# Wrong DEF Error



## PROEASY (Nov 17, 2015)

Apologies, but could not find a search function on this topic, or any others. 

2014 535D X Drive 
72,000 Miles
fully maintained by myself, oil changes brakes etc
Yesterday go the "Wrong Diesel Fluid Added, no start in 200 miles" now down to 150
can not clear the code with Schwaben Scan tool 
I use only BMW or Peak DEF
I am sure I have to take it to the dealer
Any similar stories and expected costs?

thanks

Paul


----------



## Doug Huffman (Apr 25, 2015)

Yes, it has happened to many. You will have to take it to the BMW Service Center. 

The wrongness of the DEF is measured indirectly by inadequate response to an injection of presumed good DEF. Often caused by sensor problems, mixer injection nozzle problems.

There may be an Extended Limited Warranty - ELW - in effect for your car that may help.

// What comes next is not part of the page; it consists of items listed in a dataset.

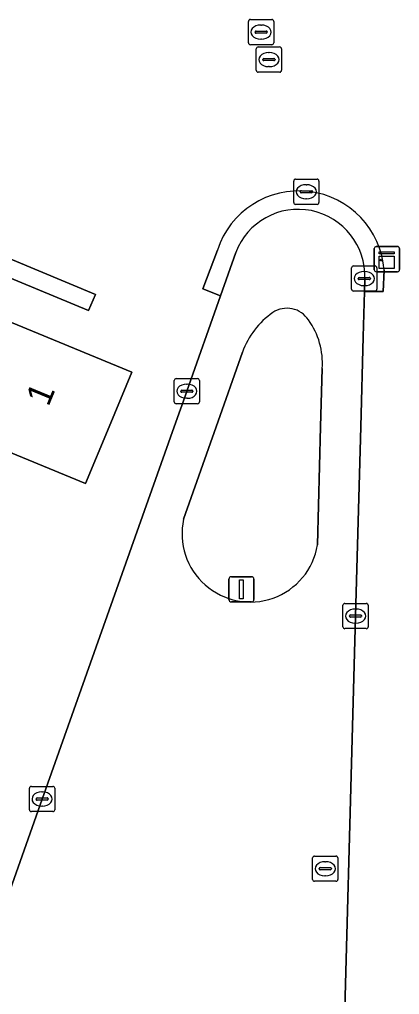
# Model space of a CAD drawing. Extents: x 160023 to 161302, y 384750 to 385707.
# Drawn here: x 160583.17 to 160598.24, y 384977.47 to 385016.17 of the extents above; entities that cross this region are included whole.
import ezdxf

# ---------------------------------------------------------------- set-up
doc = ezdxf.new("R2010")
doc.units = 0
for name, color, linetype in [('IMGEO_Brandkraan', 7, 'Continuous'), ('IMGEO_Erf', 7, 'Continuous'), ('IMGEO_Groenvoorziening', 7, 'Continuous'), ('IMGEO_Haag', 7, 'Continuous'), ('IMGEO_Kast', 7, 'Continuous'), ('IMGEO_Kolk', 7, 'Continuous'), ('IMGEO_Lichtmast', 7, 'Continuous'), ('IMGEO_Pand', 7, 'Continuous'), ('IMGEO_Pand_nummerreeks', 7, 'Continuous'), ('IMGEO_Rijbaan_lokaal_open', 7, 'Continuous'), ('IMGEO_Rioolput', 7, 'Continuous')]:
    doc.layers.add(name, color=color, linetype=linetype)

msp = doc.modelspace()

# ---------------------------------------------------------------- linework, layer by layer
at = {"layer": 'IMGEO_Brandkraan'}
for p, q in [((160594.797, 384982.034), (160594.797, 384982.886)), ((160594.872, 384982.96), (160595.724, 384982.96)), ((160595.285, 384982.74), (160595.31, 384982.74)), ((160595.798, 384982.886), (160595.798, 384982.034)), ((160595.056, 384982.454), (160595.056, 384982.466)), ((160595.494, 384982.417), (160595.096, 384982.417)), ((160595.099, 384982.503), (160595.497, 384982.503)), ((160595.54, 384982.466), (160595.54, 384982.454)), ((160595.724, 384981.96), (160594.872, 384981.96)), ((160595.308, 384982.18), (160595.283, 384982.18))]:
    msp.add_line(p, q, dxfattribs=at)
for points in [[(160594.797, 384982.034), (160594.797, 384982.886)], [(160594.872, 384982.96), (160595.724, 384982.96)], [(160595.798, 384982.886), (160595.798, 384982.034)], [(160595.724, 384981.96), (160594.872, 384981.96)]]:
    msp.add_lwpolyline(points, dxfattribs=at)
for centre, radius, start, end in [((160594.874, 384982.884), 0.0765, 91.552, 178.448), ((160594.874, 384982.884), 0.0765, 91.552, 178.448), ((160595.722, 384982.884), 0.0765, 1.552, 88.448), ((160595.722, 384982.884), 0.0765, 1.552, 88.448), ((160595.096, 384982.463), 0.0403, 85.8775, 175.7526), ((160595.093, 384982.453), 0.0366, 178.938, 274.7102), ((160595.497, 384982.46), 0.043, 264.8664, 352.4533), ((160595.501, 384982.465), 0.0386, 1.7309, 96.639), ((160594.874, 384982.036), 0.0765, 181.552, 268.448), ((160594.874, 384982.036), 0.0765, 181.552, 268.448), ((160595.722, 384982.036), 0.0765, 271.552, 358.448), ((160595.722, 384982.036), 0.0765, 271.552, 358.448)]:
    msp.add_arc(centre, radius, start, end, dxfattribs=at)
for centre, major_axis, ratio, start_param, end_param in [((160595.284, 384982.46), (-0.387, 0.002), 0.722429, 4.712389, 7.853982), ((160595.309, 384982.46), (-0.39, 0.002), 0.717154, 1.570796, 4.712389)]:
    msp.add_ellipse(centre, major_axis=major_axis, ratio=ratio, start_param=start_param, end_param=end_param, dxfattribs=at)
at = {"layer": 'IMGEO_Erf'}
for points in [[(160551.494, 384994.546), (160553.749, 385000), (160554.149, 385000.967), (160559.46, 385013.809), (160572.529, 385008.408), (160587.622, 385002.171), (160586.725, 385000), (160585.794, 384997.749), (160581.839, 384999.384), (160580.352, 384995.789), (160578.865, 384992.194), (160582.82, 384990.559), (160581.101, 384986.4), (160579.382, 384982.241), (160575.427, 384983.876), (160573.935, 384980.275), (160572.444, 384976.675)], [(160570.707, 384947.39), (160571.348, 384949.206), (160572.864, 384953.481), (160578.447, 384969.326), (160584.068, 384985.227), (160589.307, 385000), (160589.803, 385001.397), (160589.809, 385001.415), (160591.148, 385005.204), (160590.443, 385005.472), (160591.019, 385007.016)], [(160597.63, 385006.214), (160597.599, 385005.368), (160596.848, 385005.375), (160596.799, 385003.576), (160596.703, 385000), (160596.501, 384992.49), (160595.933, 384971.552), (160595.391, 384949.601)]]:
    msp.add_lwpolyline(points, dxfattribs=at)
msp.add_lwpolyline([(160573.447, 385009.785), (160573.728, 385010.449), (160586.183, 385005.251), (160585.915, 385004.616)], close=True, dxfattribs=at)
msp.add_arc((160594.247, 385005.973), 3.392, 4.08, 162.0861, dxfattribs=at)
at = {"layer": 'IMGEO_Groenvoorziening'}
msp.add_lwpolyline([(160586.183, 385005.251), (160573.728, 385010.449), (160573.447, 385009.785), (160585.915, 385004.616)], close=True, dxfattribs=at)
for points in [[(160591.019, 385007.016), (160590.443, 385005.472), (160591.148, 385005.204), (160591.751, 385006.921)], [(160596.865, 385005.886), (160596.848, 385005.375), (160597.599, 385005.368), (160597.63, 385006.214)], [(160592.015, 385002.963), (160590.972, 385000), (160589.682, 384996.333)], [(160594.993, 384995.31), (160595.115, 385000), (160595.176, 385002.317)]]:
    msp.add_lwpolyline(points, dxfattribs=at)
for centre, radius, start, end in [((160594.247, 385005.973), 3.392, 4.08, 162.0861), ((160594.224, 385005.99), 2.643, 357.7478, 159.3696), ((160595.117, 385001.842), 3.298, 125.1689, 160.1312), ((160593.778, 385003.691), 1.016, 32.7954, 123.4967), ((160592.282, 385002.538), 2.902, 355.6399, 35.936), ((160592.324, 384995.752), 2.705, 167.6046, 350.5899)]:
    msp.add_arc(centre, radius, start, end, dxfattribs=at)
at = {"layer": 'IMGEO_Haag'}
msp.add_lwpolyline([(160586.183, 385005.251), (160573.728, 385010.449), (160573.447, 385009.785), (160585.915, 385004.616)], close=True, dxfattribs=at)
for points in [[(160591.019, 385007.016), (160590.443, 385005.472), (160591.148, 385005.204), (160591.751, 385006.921)], [(160596.865, 385005.886), (160596.848, 385005.375), (160597.599, 385005.368), (160597.63, 385006.214)]]:
    msp.add_lwpolyline(points, dxfattribs=at)
for centre, radius, start, end in [((160594.247, 385005.973), 3.392, 4.08, 162.0861), ((160594.224, 385005.99), 2.643, 357.7478, 159.3696)]:
    msp.add_arc(centre, radius, start, end, dxfattribs=at)
at = {"layer": 'IMGEO_Kast'}
for p, q in [((160597.317, 385007.157), (160598.158, 385007.157)), ((160598.158, 385007.157), (160597.317, 385007.157)), ((160598.242, 385007.082), (160598.242, 385006.241)), ((160598.242, 385006.241), (160598.242, 385007.082)), ((160597.242, 385006.232), (160597.242, 385007.073)), ((160597.242, 385007.073), (160597.242, 385006.232)), ((160598.167, 385006.157), (160597.326, 385006.157)), ((160597.326, 385006.157), (160598.167, 385006.157))]:
    msp.add_line(p, q, dxfattribs=at)
for points in [[(160597.437, 385006.947), (160598.037, 385006.947), (160598.037, 385006.862), (160597.437, 385006.862), (160597.437, 385006.947)], [(160597.437, 385006.772), (160598.037, 385006.772), (160598.037, 385006.283), (160597.437, 385006.283), (160597.437, 385006.772)]]:
    msp.add_lwpolyline(points, dxfattribs=at)
msp.add_circle((160597.521, 385006.621), 0.0377, dxfattribs=at)
for centre, start, end in [((160597.32, 385007.079), 92.4484, 184.2845), ((160597.32, 385007.079), 92.4484, 184.2845), ((160598.164, 385007.079), 2.4484, 94.2845), ((160598.164, 385007.079), 2.4484, 94.2845), ((160597.32, 385006.235), 182.4484, 274.2845), ((160597.32, 385006.235), 182.4484, 274.2845), ((160598.164, 385006.235), 272.4484, 4.2845), ((160598.164, 385006.235), 272.4484, 4.2845)]:
    msp.add_arc(centre, 0.0779, start, end, dxfattribs=at)
at = {"layer": 'IMGEO_Kolk'}
for p, q in [((160594.123, 385009.831), (160594.975, 385009.831)), ((160594.048, 385008.905), (160594.048, 385009.757)), ((160594.536, 385009.611), (160594.561, 385009.611)), ((160595.049, 385009.757), (160595.049, 385008.905)), ((160594.307, 385009.325), (160594.307, 385009.337)), ((160594.745, 385009.288), (160594.347, 385009.288)), ((160594.35, 385009.374), (160594.748, 385009.374)), ((160594.559, 385009.051), (160594.534, 385009.051)), ((160594.791, 385009.337), (160594.791, 385009.325)), ((160594.975, 385008.831), (160594.123, 385008.831)), ((160596.344, 385005.46), (160596.344, 385006.312)), ((160596.419, 385006.386), (160597.271, 385006.386)), ((160597.345, 385006.312), (160597.345, 385005.46)), ((160596.646, 385005.929), (160597.044, 385005.929)), ((160596.832, 385006.166), (160596.857, 385006.166)), ((160596.603, 385005.88), (160596.603, 385005.892)), ((160597.041, 385005.843), (160596.643, 385005.843)), ((160596.855, 385005.606), (160596.83, 385005.606)), ((160597.087, 385005.892), (160597.087, 385005.88)), ((160597.271, 385005.386), (160596.419, 385005.386)), ((160589.309, 385000.988), (160589.309, 385001.84)), ((160589.384, 385001.914), (160590.236, 385001.914)), ((160589.797, 385001.694), (160589.822, 385001.694)), ((160590.31, 385001.84), (160590.31, 385000.988)), ((160589.568, 385001.408), (160589.568, 385001.42)), ((160590.006, 385001.371), (160589.608, 385001.371)), ((160589.611, 385001.457), (160590.009, 385001.457)), ((160590.052, 385001.42), (160590.052, 385001.408)), ((160590.236, 385000.914), (160589.384, 385000.914)), ((160589.82, 385001.134), (160589.795, 385001.134)), ((160595.999, 384992.063), (160595.999, 384992.915)), ((160596.074, 384992.989), (160596.926, 384992.989)), ((160596.487, 384992.769), (160596.512, 384992.769)), ((160597, 384992.915), (160597, 384992.063)), ((160596.258, 384992.483), (160596.258, 384992.495)), ((160596.696, 384992.446), (160596.298, 384992.446)), ((160596.301, 384992.532), (160596.699, 384992.532)), ((160596.742, 384992.495), (160596.742, 384992.483)), ((160596.926, 384991.989), (160596.074, 384991.989)), ((160596.51, 384992.209), (160596.485, 384992.209)), ((160583.568, 384984.801), (160583.568, 384985.653)), ((160583.643, 384985.727), (160584.495, 384985.727)), ((160584.056, 384985.507), (160584.081, 384985.507)), ((160584.569, 384985.653), (160584.569, 384984.801)), ((160583.827, 384985.221), (160583.827, 384985.233)), ((160584.265, 384985.184), (160583.867, 384985.184)), ((160583.87, 384985.27), (160584.268, 384985.27)), ((160584.311, 384985.233), (160584.311, 384985.221)), ((160584.495, 384984.727), (160583.643, 384984.727)), ((160584.079, 384984.947), (160584.054, 384984.947))]:
    msp.add_line(p, q, dxfattribs=at)
for points in [[(160594.123, 385009.831), (160594.975, 385009.831)], [(160594.048, 385008.905), (160594.048, 385009.757)], [(160595.049, 385009.757), (160595.049, 385008.905)], [(160594.975, 385008.831), (160594.123, 385008.831)], [(160596.344, 385005.46), (160596.344, 385006.312)], [(160596.419, 385006.386), (160597.271, 385006.386)], [(160597.345, 385006.312), (160597.345, 385005.46)], [(160597.271, 385005.386), (160596.419, 385005.386)], [(160589.309, 385000.988), (160589.309, 385001.84)], [(160589.384, 385001.914), (160590.236, 385001.914)], [(160590.31, 385001.84), (160590.31, 385000.988)], [(160590.236, 385000.914), (160589.384, 385000.914)], [(160595.999, 384992.063), (160595.999, 384992.915)], [(160596.074, 384992.989), (160596.926, 384992.989)], [(160597, 384992.915), (160597, 384992.063)], [(160596.926, 384991.989), (160596.074, 384991.989)], [(160583.568, 384984.801), (160583.568, 384985.653)], [(160583.643, 384985.727), (160584.495, 384985.727)], [(160584.569, 384985.653), (160584.569, 384984.801)], [(160584.495, 384984.727), (160583.643, 384984.727)]]:
    msp.add_lwpolyline(points, dxfattribs=at)
for centre, radius, start, end in [((160594.125, 385009.755), 0.0765, 91.552, 178.448), ((160594.125, 385009.755), 0.0765, 91.552, 178.448), ((160594.973, 385009.755), 0.0765, 1.552, 88.448), ((160594.973, 385009.755), 0.0765, 1.552, 88.448), ((160594.347, 385009.334), 0.0403, 85.8775, 175.7526), ((160594.344, 385009.324), 0.0366, 178.938, 274.7102), ((160594.748, 385009.331), 0.043, 264.8664, 352.4533), ((160594.752, 385009.336), 0.0386, 1.7309, 96.639), ((160594.125, 385008.907), 0.0765, 181.552, 268.448), ((160594.125, 385008.907), 0.0765, 181.552, 268.448), ((160594.973, 385008.907), 0.0765, 271.552, 358.448), ((160594.973, 385008.907), 0.0765, 271.552, 358.448), ((160596.421, 385006.31), 0.0765, 91.552, 178.448), ((160596.421, 385006.31), 0.0765, 91.552, 178.448), ((160597.269, 385006.31), 0.0765, 1.552, 88.448), ((160597.269, 385006.31), 0.0765, 1.552, 88.448), ((160596.643, 385005.889), 0.0403, 85.8775, 175.7526), ((160597.048, 385005.891), 0.0386, 1.7309, 96.639), ((160596.64, 385005.879), 0.0366, 178.938, 274.7102), ((160597.044, 385005.886), 0.043, 264.8664, 352.4533), ((160596.421, 385005.462), 0.0765, 181.552, 268.448), ((160596.421, 385005.462), 0.0765, 181.552, 268.448), ((160597.269, 385005.462), 0.0765, 271.552, 358.448), ((160597.269, 385005.462), 0.0765, 271.552, 358.448), ((160589.386, 385001.838), 0.0765, 91.552, 178.448), ((160589.386, 385001.838), 0.0765, 91.552, 178.448), ((160590.234, 385001.838), 0.0765, 1.552, 88.448), ((160590.234, 385001.838), 0.0765, 1.552, 88.448), ((160589.608, 385001.417), 0.0403, 85.8775, 175.7526), ((160589.605, 385001.407), 0.0366, 178.938, 274.7102), ((160590.009, 385001.414), 0.043, 264.8664, 352.4533), ((160590.013, 385001.419), 0.0386, 1.7309, 96.639), ((160589.386, 385000.99), 0.0765, 181.552, 268.448), ((160589.386, 385000.99), 0.0765, 181.552, 268.448), ((160590.234, 385000.99), 0.0765, 271.552, 358.448), ((160590.234, 385000.99), 0.0765, 271.552, 358.448), ((160596.076, 384992.913), 0.0765, 91.552, 178.448), ((160596.076, 384992.913), 0.0765, 91.552, 178.448), ((160596.924, 384992.913), 0.0765, 1.552, 88.448), ((160596.924, 384992.913), 0.0765, 1.552, 88.448), ((160596.298, 384992.492), 0.0403, 85.8775, 175.7526), ((160596.295, 384992.482), 0.0366, 178.938, 274.7102), ((160596.699, 384992.489), 0.043, 264.8664, 352.4533), ((160596.703, 384992.494), 0.0386, 1.7309, 96.639), ((160596.076, 384992.065), 0.0765, 181.552, 268.448), ((160596.076, 384992.065), 0.0765, 181.552, 268.448), ((160596.924, 384992.065), 0.0765, 271.552, 358.448), ((160596.924, 384992.065), 0.0765, 271.552, 358.448), ((160583.645, 384985.651), 0.0765, 91.552, 178.448), ((160583.645, 384985.651), 0.0765, 91.552, 178.448), ((160584.493, 384985.651), 0.0765, 1.552, 88.448), ((160584.493, 384985.651), 0.0765, 1.552, 88.448), ((160583.867, 384985.23), 0.0403, 85.8775, 175.7526), ((160583.864, 384985.22), 0.0366, 178.938, 274.7102), ((160584.268, 384985.227), 0.043, 264.8664, 352.4533), ((160584.272, 384985.232), 0.0386, 1.7309, 96.639), ((160583.645, 384984.803), 0.0765, 181.552, 268.448), ((160583.645, 384984.803), 0.0765, 181.552, 268.448), ((160584.493, 384984.803), 0.0765, 271.552, 358.448), ((160584.493, 384984.803), 0.0765, 271.552, 358.448)]:
    msp.add_arc(centre, radius, start, end, dxfattribs=at)
for centre, major_axis, ratio, start_param, end_param in [((160594.535, 385009.331), (-0.387, 0.002), 0.722429, 4.712389, 7.853982), ((160594.56, 385009.331), (-0.39, 0.002), 0.717154, 1.570796, 4.712389), ((160596.831, 385005.886), (-0.387, 0.002), 0.722429, 4.712389, 7.853982), ((160596.856, 385005.886), (-0.39, 0.002), 0.717154, 1.570796, 4.712389), ((160589.796, 385001.414), (-0.387, 0.002), 0.722429, 4.712389, 7.853982), ((160589.821, 385001.414), (-0.39, 0.002), 0.717154, 1.570796, 4.712389), ((160596.486, 384992.489), (-0.387, 0.002), 0.722429, 4.712389, 7.853982), ((160596.511, 384992.489), (-0.39, 0.002), 0.717154, 1.570796, 4.712389), ((160584.055, 384985.227), (-0.387, 0.002), 0.722429, 4.712389, 7.853982), ((160584.08, 384985.227), (-0.39, 0.002), 0.717154, 1.570796, 4.712389)]:
    msp.add_ellipse(centre, major_axis=major_axis, ratio=ratio, start_param=start_param, end_param=end_param, dxfattribs=at)
at = {"layer": 'IMGEO_Lichtmast'}
for p, q in [((160591.477, 384993.151), (160591.477, 384993.951)), ((160591.477, 384993.951), (160591.477, 384993.151)), ((160591.577, 384994.051), (160592.367, 384994.051)), ((160592.367, 384994.051), (160591.577, 384994.051)), ((160592.467, 384993.951), (160592.467, 384993.151)), ((160592.467, 384993.151), (160592.467, 384993.951)), ((160592.367, 384993.051), (160591.577, 384993.051)), ((160591.577, 384993.051), (160592.367, 384993.051))]:
    msp.add_line(p, q, dxfattribs=at)
msp.add_lwpolyline([(160591.897, 384993.926), (160592.047, 384993.926), (160592.047, 384993.176), (160591.897, 384993.176), (160591.897, 384993.926)], dxfattribs=at)
for centre, start, end in [((160591.577, 384993.951), 90, 180), ((160591.577, 384993.951), 90, 180), ((160592.367, 384993.951), 0, 90), ((160592.367, 384993.951), 360, 90), ((160591.577, 384993.151), 180, 270), ((160591.577, 384993.151), 180, 270), ((160592.367, 384993.151), 270, 0), ((160592.367, 384993.151), 270, 0)]:
    msp.add_arc(centre, 0.1, start, end, dxfattribs=at)
at = {"layer": 'IMGEO_Pand'}
msp.add_lwpolyline([(160572.529, 385008.408), (160569.125, 385000.202), (160570.145, 384999.777), (160570.237, 385000), (160572.91, 384998.887), (160573.528, 384998.63), (160573.678, 384998.567), (160573.802, 384998.516), (160575.284, 385002.104), (160578.83, 385000.628), (160577.338, 384997.044), (160580.352, 384995.789), (160581.839, 384999.384), (160585.794, 384997.749), (160586.725, 385000), (160587.622, 385002.171)], close=True, dxfattribs=at)
at = {"layer": 'IMGEO_Rijbaan_lokaal_open'}
for points in [[(160591.751, 385006.921), (160591.148, 385005.204), (160589.809, 385001.415), (160589.803, 385001.397), (160589.307, 385000), (160584.068, 384985.227), (160578.447, 384969.326), (160572.864, 384953.481), (160571.348, 384949.206), (160570.707, 384947.39)], [(160595.933, 384971.552), (160596.501, 384992.49), (160596.703, 385000), (160596.799, 385003.576), (160596.848, 385005.375), (160596.865, 385005.886)], [(160589.682, 384996.333), (160590.972, 385000), (160592.015, 385002.963)], [(160595.176, 385002.317), (160595.115, 385000), (160594.993, 384995.31)]]:
    msp.add_lwpolyline(points, dxfattribs=at)
for centre, radius, start, end in [((160594.224, 385005.99), 2.643, 357.7478, 159.3696), ((160595.117, 385001.842), 3.298, 125.1689, 160.1312), ((160593.778, 385003.691), 1.016, 32.7954, 123.4967), ((160592.282, 385002.538), 2.902, 355.6399, 35.936), ((160592.324, 384995.752), 2.705, 167.6046, 350.5899)]:
    msp.add_arc(centre, radius, start, end, dxfattribs=at)
at = {"layer": 'IMGEO_Rioolput'}
for p, q in [((160592.253, 385015.242), (160592.253, 385016.094)), ((160592.328, 385016.168), (160593.18, 385016.168)), ((160593.254, 385016.094), (160593.254, 385015.242)), ((160592.512, 385015.662), (160592.512, 385015.674)), ((160592.95, 385015.625), (160592.552, 385015.625)), ((160592.555, 385015.711), (160592.953, 385015.711)), ((160592.741, 385015.948), (160592.766, 385015.948)), ((160592.996, 385015.674), (160592.996, 385015.662)), ((160592.764, 385015.388), (160592.739, 385015.388)), ((160593.18, 385015.168), (160592.328, 385015.168)), ((160592.563, 385014.152), (160592.563, 385015.004)), ((160592.638, 385015.078), (160593.49, 385015.078)), ((160593.051, 385014.858), (160593.076, 385014.858)), ((160593.564, 385015.004), (160593.564, 385014.152)), ((160592.822, 385014.572), (160592.822, 385014.584)), ((160593.26, 385014.535), (160592.862, 385014.535)), ((160592.865, 385014.621), (160593.263, 385014.621)), ((160593.306, 385014.584), (160593.306, 385014.572)), ((160593.49, 385014.078), (160592.638, 385014.078)), ((160593.074, 385014.298), (160593.049, 385014.298))]:
    msp.add_line(p, q, dxfattribs=at)
for points in [[(160592.253, 385015.242), (160592.253, 385016.094)], [(160592.328, 385016.168), (160593.18, 385016.168)], [(160593.254, 385016.094), (160593.254, 385015.242)], [(160593.18, 385015.168), (160592.328, 385015.168)], [(160592.563, 385014.152), (160592.563, 385015.004)], [(160592.638, 385015.078), (160593.49, 385015.078)], [(160593.564, 385015.004), (160593.564, 385014.152)], [(160593.49, 385014.078), (160592.638, 385014.078)]]:
    msp.add_lwpolyline(points, dxfattribs=at)
for centre, radius, start, end in [((160592.33, 385016.092), 0.0765, 91.552, 178.448), ((160592.33, 385016.092), 0.0765, 91.552, 178.448), ((160593.178, 385016.092), 0.0765, 1.552, 88.448), ((160593.178, 385016.092), 0.0765, 1.552, 88.448), ((160592.552, 385015.671), 0.0403, 85.8775, 175.7526), ((160592.549, 385015.661), 0.0366, 178.938, 274.7102), ((160592.953, 385015.668), 0.043, 264.8664, 352.4533), ((160592.957, 385015.673), 0.0386, 1.7309, 96.639), ((160592.33, 385015.244), 0.0765, 181.552, 268.448), ((160592.33, 385015.244), 0.0765, 181.552, 268.448), ((160593.178, 385015.244), 0.0765, 271.552, 358.448), ((160593.178, 385015.244), 0.0765, 271.552, 358.448), ((160592.64, 385015.002), 0.0765, 91.552, 178.448), ((160592.64, 385015.002), 0.0765, 91.552, 178.448), ((160593.488, 385015.002), 0.0765, 1.552, 88.448), ((160593.488, 385015.002), 0.0765, 1.552, 88.448), ((160592.862, 385014.581), 0.0403, 85.8775, 175.7526), ((160592.859, 385014.571), 0.0366, 178.938, 274.7102), ((160593.263, 385014.578), 0.043, 264.8664, 352.4533), ((160593.267, 385014.583), 0.0386, 1.7309, 96.639), ((160592.64, 385014.154), 0.0765, 181.552, 268.448), ((160592.64, 385014.154), 0.0765, 181.552, 268.448), ((160593.488, 385014.154), 0.0765, 271.552, 358.448), ((160593.488, 385014.154), 0.0765, 271.552, 358.448)]:
    msp.add_arc(centre, radius, start, end, dxfattribs=at)
for centre, major_axis, ratio, start_param, end_param in [((160592.74, 385015.668), (-0.387, 0.002), 0.722429, 4.712389, 7.853982), ((160592.765, 385015.668), (-0.39, 0.002), 0.717154, 1.570796, 4.712389), ((160593.05, 385014.578), (-0.387, 0.002), 0.722429, 4.712389, 7.853982), ((160593.075, 385014.578), (-0.39, 0.002), 0.717154, 1.570796, 4.712389)]:
    msp.add_ellipse(centre, major_axis=major_axis, ratio=ratio, start_param=start_param, end_param=end_param, dxfattribs=at)

# ---------------------------------------------------------------- texts
at = {"layer": 'IMGEO_Pand_nummerreeks'}
msp.add_text('1', height=1, rotation=67.5403, dxfattribs=at).set_placement((160584.318, 385000.774))

doc.saveas('drawing.dxf')

A good bit of my SCR was replaced under ELW.


----------



## PROEASY (Nov 17, 2015)

Thanks, I see in my paperwork there is ELW on the following for the Diesel, I suppose the preventative replacement of the DEF Injector may have helped

EGR Cooler
Nox Sensor
EGR Valve
High Pressure Pump

Paul


----------



## mjez (Jan 16, 2014)

I'm not sure if that would help to extend your "no start" mileage counter or not but has anyone tried disconnecting DEF module in this situation? 

Sent from my PH-1 using Tapatalk


----------



## HotGrbg (Apr 23, 2021)

It will not extend your no start condition sadly. The only thing that clears the no start is when the DDE successfully runs an SRC system test that passes.


----------



## HackMech (May 5, 2021)

I have the same car, with the same idiot message. Took it to the dealer. They dropped the SCR Tank and reported bad fluid and nonworking pump. $3500 later a new tank was installed. I drive 35 miles, the check engine comes on again. Back to the dealer, they reported to have regen the car three times and no faults. I drive 35 mile and same skit with the check engine light. Back to the dealer a third time. They proceed to change the two Nox sensors under the 10yr/120 mile extended warranty. All is good after that. 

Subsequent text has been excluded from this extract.